2. Environmental installation

2.1 CUDA installation

Drive drivers
ubuntu-drivers devices  # View the drivers supported by the device


My computer supports 410, so install the driver first

# 1. Update apt get source list
sudo apt-get update
sudo apt-get upgrade
# 2. Add driver source
sudo add-apt-repository ppa:graphics-drivers/ppa
sudo apt-get update
sudo apt-get install nvidia-410  # install
sudo nvidia-smi   # View the installation status of the driver

Select CUDA version according to the following figure, and select CUDA version 10.0, Click here to view the corresponding drivers on CUDA official website
, as shown in the figure below, some data:

Switch gcc

Select CUDA version 10.0, Click here to view the corresponding GCC version of CUDA official website
, as shown in the figure below, some data:

Bloggers use gcc, which is originally 7.3, so there is no need to install or replace. If you want to install or replace, use the following command to switch

# Install gcc5
sudo apt-get install gcc-5 gcc-5-multilib 	
sudo apt-get install g++-5 g++-5-multilib
# set priority
sudo update-alternatives --install /usr/bin/gcc gcc /usr/bin/gcc-5 50	
sudo update-alternatives --install /usr/bin/g++ gc++/usr/bin/g++-5 50
# See the optional version of gcc and the current version
sudo update-alternatives --config gcc
# View gcc version
gcc -version
Installing cuda

Official website, click here

After downloading, run sudo sh * Run to install
Press Enter until you finish reading the statement
If the driver is installed independently, you must choose not to install the driver! Select the following:
There will be some warnings during the installation, which can be ignored.

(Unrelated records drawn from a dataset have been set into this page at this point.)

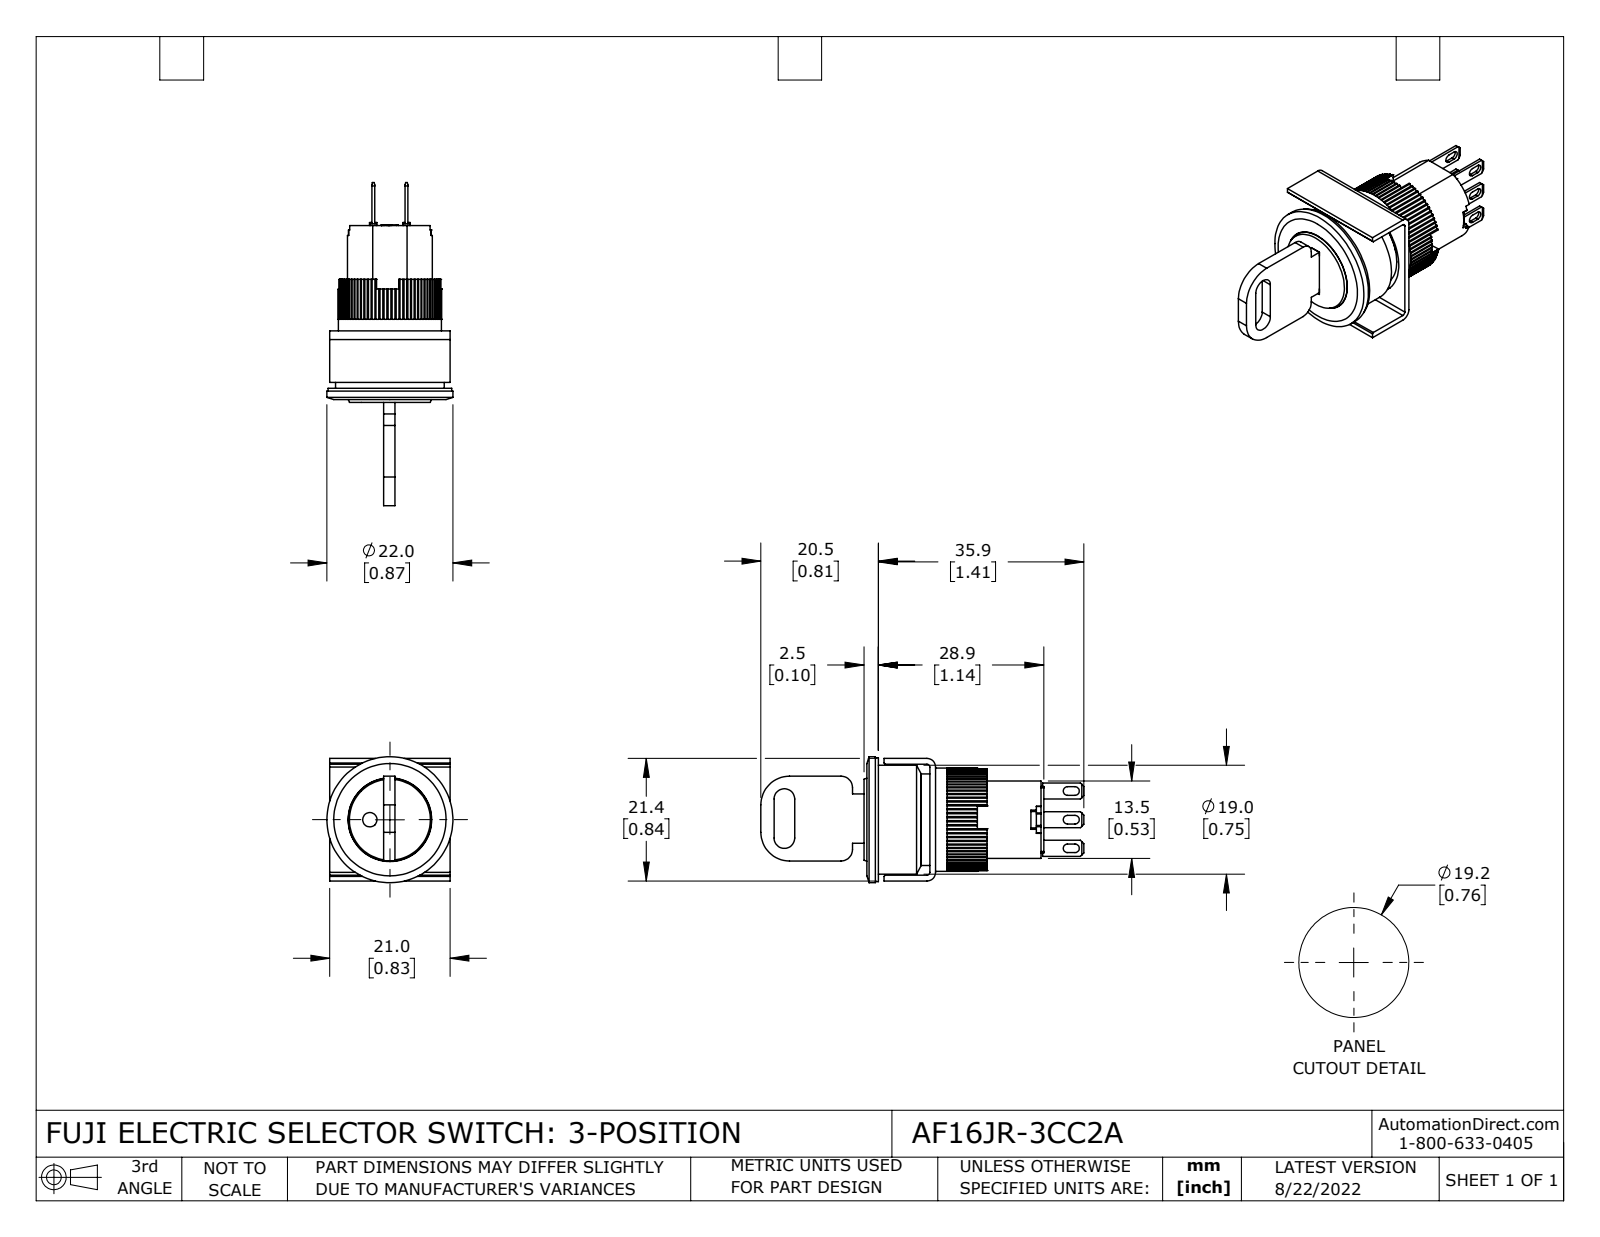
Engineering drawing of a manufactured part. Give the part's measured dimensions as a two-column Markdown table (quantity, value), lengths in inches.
| quantity | value |
| --- | --- |
| part name | AF16JR-3CC2A |
| STEP written by | SolidWorks 2021 (CONFIG_CONTROL_DESIGN) |
| units | inches |
| bodies | 13 solids, 707 faces (518 planar, 183 cylindrical, 6 other) |
| overall size | 2.22 × 0.866 × 0.866 |
| volume | 0.495 in³ |
| surface area | 11.24 in² |
| round holes (diameter × count) | 0.039 × 1, 0.098 × 1, 0.575 × 1, 0.709 × 1, 0.748 × 1 |
| round bosses / shafts (diameter × count) | 0.866 × 1, 0.85 × 1, 0.63 × 1, 0.583 × 1, 0.571 × 1 |
| partial cylindrical surfaces (radius × count) | 0.01 × 80, 0.008 × 12, 0.03 × 6, 0.02 × 2, 0.059 × 2, 0.071 × 2, 0.079 × 2, 0.197 × 2 |
| main face-to-face distances | 0.079, 0.039, 0.02, 0.374, 0.177, 0.098, 0.394, 0.803, 0.059, 0.764 |
| hole center spacings | 0.138 |
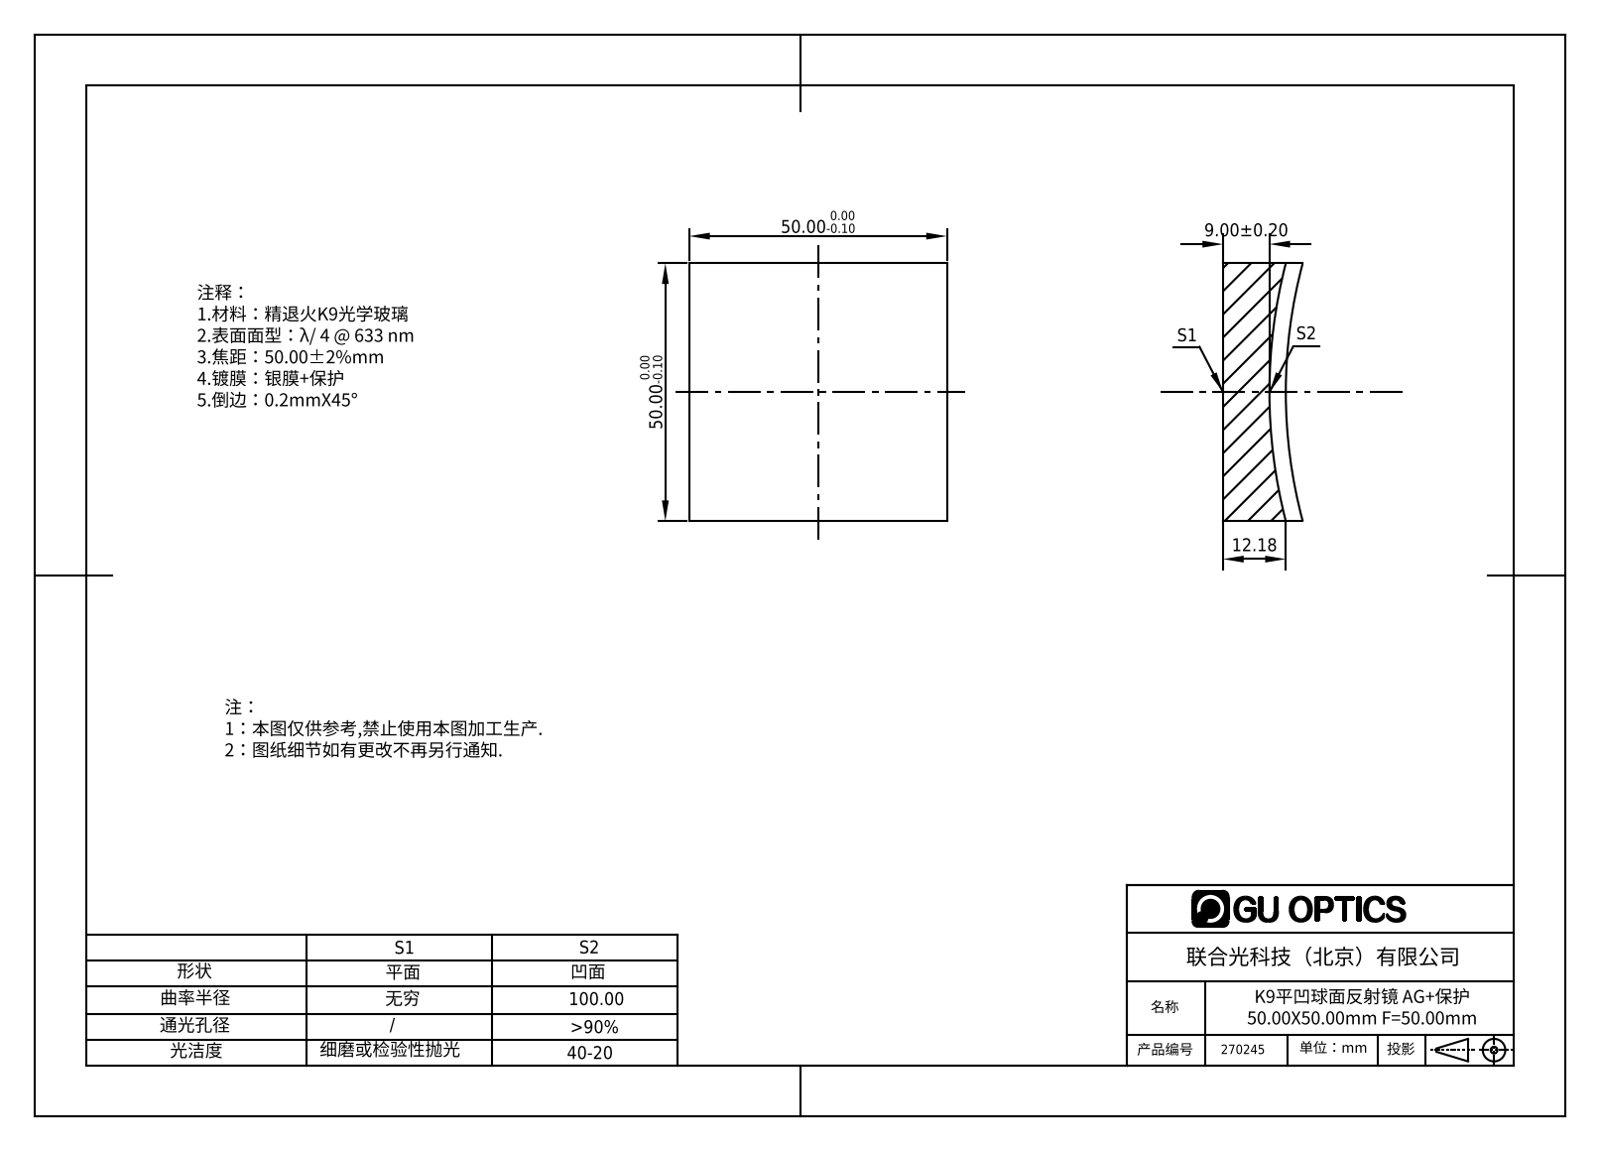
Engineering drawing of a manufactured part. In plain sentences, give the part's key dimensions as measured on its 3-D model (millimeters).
The part is named "270050". Its 3-D file was written by "SolidWorks 2019 (AUTOMOTIVE_DESIGN)". It is 1 solid with 7 faces: 5 planar, 0 cylindrical and 2 other. Overall it measures 50 by 50 by 15.46 millimeters. Its volume is 27 787 cubic millimeters and its surface area 7 707 square millimeters. The main face-to-face distances are 50.

The following configuration is required after installation

# Add environment variable
sudo gedit ~/.bashrc

# Add to last
export PATH=$PATH:/usr/local/cuda/bin  
export LD_LIBRARY_PATH=$LD_LIBRARY_PATH:/usr/local/cuda/lib64  
export LIBRARY_PATH=$LIBRARY_PATH:/usr/local/cuda/lib64  

# Save exit
source ~/.bashrc
 
#Is the test successful
sudo rm -rf /usr/local/cuda  
sudo ln -s /usr/local/cuda-10.0 /usr/local/cuda  
nvcc --version  

cd /usr/local/cuda/samples/1_Utilities/deviceQuery 
sudo make
./deviceQuery

# restart
reboot

#input
nvidia-smi  # View the latest installation status

Install cudnn

Official website, click here For version selection and download

Delete old version, skip if none

sudo rm -rf /usr/local/cuda/include/cudnn.h
sudo rm -rf /usr/local/cuda/lib64/libcudnn*

Install the new version and cd into the cuda folder that you just unzipped

sudo cp include/cudnn.h /usr/local/cuda/include/	
sudo cp lib64/lib* /usr/local/cuda/lib64/

Establish soft link

cd /usr/local/cuda/lib64/	
sudo chmod +r libcudnn.so.7.6.5	
sudo ln -sf libcudnn.so.7.6.5 libcudnn.so.7	
sudo ln -sf libcudnn.so.7 libcudnn.so   	
sudo ldconfig

Test verification

cat /usr/local/cuda/include/cudnn.h | grep CUDNN_MAJOR -A 2

If the version shown in the figure below appears, the installation is successful

2.2 installation of TensorRT

Download address, click the official website, here

Select the tar version of 6.0 to download, and extract it to get the following work

# Create a new folder under home, name it tensorrt, and then copy and unzip the downloaded compressed file
tar xzvf TensorRT-6.0.1.5.Ubuntu-18.04.x86_64-gnu.cuda-10.0.cudnn7.6.tar.gz 
 
# Unzip the TensorRT-6.0.1.5 folder and add the lib absolute path inside to the environment variable
gedit ~/.bashrc

# add to
export LD_LIBRARY_PATH=$LD_LIBRARY_PATH:/home/jason/tensorrt/TensorRT-6.0.1.5/lib

# take effect
source ~/.bashrc
	
#Install TensorRT
cd TensorRT-6.0.1.5/python/
pip install tensorrt-6.0.1.5-cp36-none-linux_x86_64.whl
 
#Install UFF, which is related to tensorflow. You can not install it
cd TensorRT-6.0.1.5/uff
pip install uff-0.6.5-py2.py3-none-any.whl 
 
#Installing graphsurgeon
cd TensorRT-6.0.1.5/graphsurgeon
pip install graphsurgeon-0.4.1-py2.py3-none-any.whl

# Enter the python environment and test. If no error is reported, the installation is successful
import tensorrt

2.3 TF installation and other environments

sudo pip3 install tensorflow-gpu==1.14.0
sudo pip3 install numpy==1.19.5
sudo pip3 install h5py==3.1.0
sudo pip3 install onnx==1.4.1
sudo pip3 install Pillow==6.1.0
sudo pip3 install pycuda==2019.1.1
sudo pip3 install uff==0.6.5
sudo pip3 install wget==3.2

3. Model training (taking inception V3 as an example) – > omitted

Omitted, reference

4. Reasoning acceleration using tensorRT

4.1 model saving

In TensorFlow, I believe you will not be unfamiliar with the saving and calling of the model. Use the key statement Saver = TF train. Saver() and saver Save() can be completed.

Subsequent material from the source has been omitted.